- Theatrical release poster
- Directed by: Vara Mullapudi
- Written by: Vara Mullapudi
- Produced by: Dil Raju
- Starring: Chandini Chowdary Sudhakar Komakula Sudheer Varma
- Cinematography: S. D. Jaan
- Edited by: Kotagiri Venkateshwara Rao
- Music by: M. M. Keeravaani
- Production company: Sri Venkateswara Creations
- Distributed by: Sri Venkateswara Creations
- Release date: 24 June 2016;
- Running time: 135 minutes
- Country: India
- Language: Telugu

= Kundanapu Bomma =

Kundanapu Bomma is a 2016 Indian Telugu language film directed by Vara Mullapudi, of Naa Alludu (2005) fame.
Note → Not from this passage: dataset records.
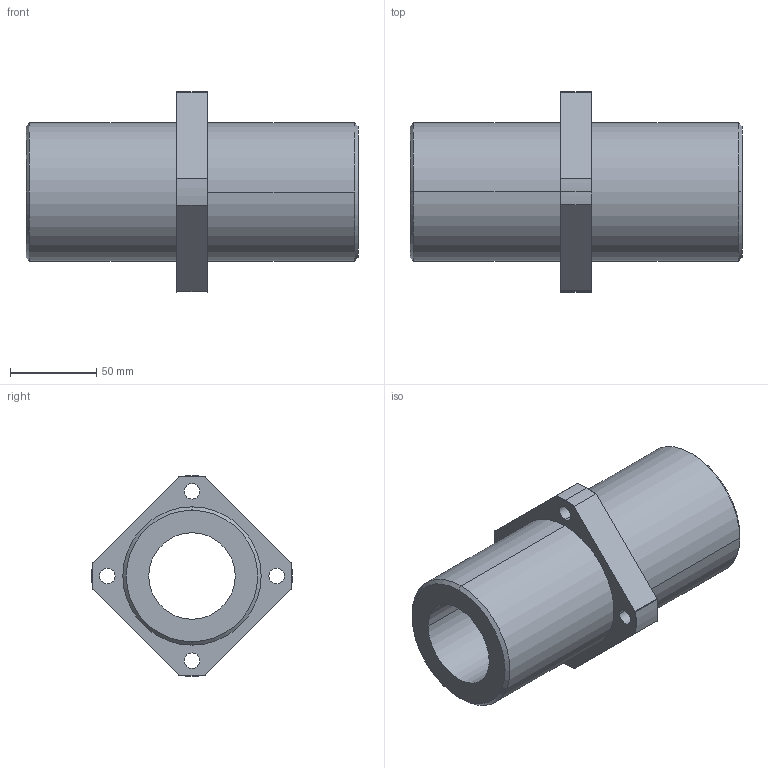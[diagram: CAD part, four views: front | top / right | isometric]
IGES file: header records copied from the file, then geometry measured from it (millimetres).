
Start section: 3D InterOp IGES (Version 21 0 1), Spatial Corp. Copyright (c) 1999-2007.
Global section: file name: CFPJ50.igs; native system: Spatial Corp.; preprocessor: 3D InterOp GENERIC/IGES 3.0; author: Noname; organization: Noname; date: 20220324.125716; units: millimetre
Bounding box: 192 x 115.89 x 116 mm (x, y, z)
Surface area: 94071 mm2 (no closed solid volume)
Topology: 0 solids, 0 shells, 53 faces, 264 edges, 264 vertices
Faces by surface type: revolution 41, extrusion 12

It stars Chandini Chowdary, Sudhakar Komakula and Sudheer Varma.

==Cast==
- Sudheer Varma as Vasu
- Chandini Chowdary as Suchi
- Sudhakar Komakula as Gopi
- Shakalaka Shankar
- Ajay Ghosh
- Nagineedu
- Rajeev Kanakala

==Reviews==
The Times of India gave the film two out of five stars stating, "In all, there are but a few light moments in the movie that will make you chuckle". The Hindu gave the film one out of five stars stating, "Stale and silly".

This title of this movie is taken from a song in “Ye Maaya Chesave” sung by Benny Dayal & Kalyani Menon.